Univariate analysis for OS of all GBM patients was performed (Table 5). Age <50 [hazard ratio (HR) 2.912; p=0.042], KPS ≥70 (HR 13.329; p=0.001), extent of surgical resection (p<0.05), type of adjuvant therapy (p<0.05), methylation of MGMT promoter analyzed by MSP (HR 9.856; p=0.013), and methylation of MGMT promoter analyzed by PSQ (HR 18.007; p<0.001) were associated with OS. However, sex (p=0.572), concurrent temozolomide chemoradiotherapy (p=0.063) and method of salvage treatment (p>0.05) were not associated with OS.

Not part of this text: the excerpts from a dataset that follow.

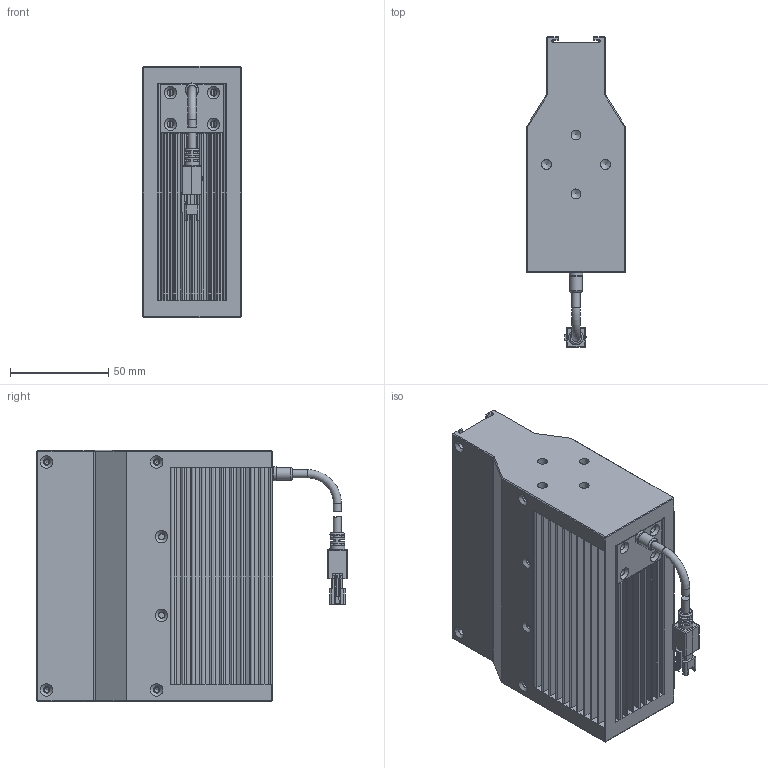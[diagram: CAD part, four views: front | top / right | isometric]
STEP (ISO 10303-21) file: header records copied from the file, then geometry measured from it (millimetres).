
FILE_DESCRIPTION (( 'STEP AP203' ), '1' );
FILE_NAME ('OPT-LSNL128-R-V1.0尨砩芞.STEP', '2025-02-17T08:42:52', ( '' ), ( '' ), 'SwSTEP 2.0', 'SolidWorks 2016', '' );
FILE_SCHEMA (( 'CONFIG_CONTROL_DESIGN' ));
Length unit declared in the file: millimetre
Products named in the file (1): OPT-LSNL128-R-V1.0尨砩芞
Bounding box: 50.02 x 158 x 128 mm (x, y, z)
Volume: 479409.2 mm3; surface area: 156811.1 mm2
Topology: 8 solids, 13 shells, 981 faces, 2699 edges, 1733 vertices
Faces by surface type: plane 588, cylinder 322, cone 42, bspline 21, torus 8
Full cylindrical faces by diameter (mm): 1.1 x2, 1.4 x2, 2.5 x8, 3 x8, 3.4 x16, 3.5 x1, 4.1 x4, 5 x8, 5.8 x1, 6.5 x1, 7 x1, 7.5 x1
Entity records: 33212 total; most frequent: CARTESIAN_POINT 9288, ORIENTED_EDGE 5088, DIRECTION 4644, EDGE_CURVE 2544, VERTEX_POINT 1684, LINE 1648, VECTOR 1648, AXIS2_PLACEMENT_3D 1498

Multi-factor adjustment by the Cox-regression model was performed for the factors that were associated with OS in univariate analysis and additional factors of interest to the authors (such as method of salvage treatment) (Table 6). In multivariate analysis, we found that age (<50 years vs. ≥50 years; HR 3.386, p=0.048), KPS (≥70 vs. <70; HR 9.417, p=0.002), extent of surgical resection (gross total resection vs. subtotal resection, HR 8.045), method of adjuvant treatment (combination therapy vs. other treatment, HR 14.128, p<0.001), methylation status of MGMT promoter by MSP (methylated vs. unmethylated, HR 4.927, p=0.034), and methylation status of MGMT promoter by PSQ (methylated vs. unmethylated, HR 9.208, p=0.001) were independently associated with OS. Methods of salvage treatment and concurrent temozolomide chemoradiotherapy that were potentially associated with OS did not have any association in multivariate analysis (p>0.05). Kaplan-Meier survival curves according to each factor were estimated (Fig. 2).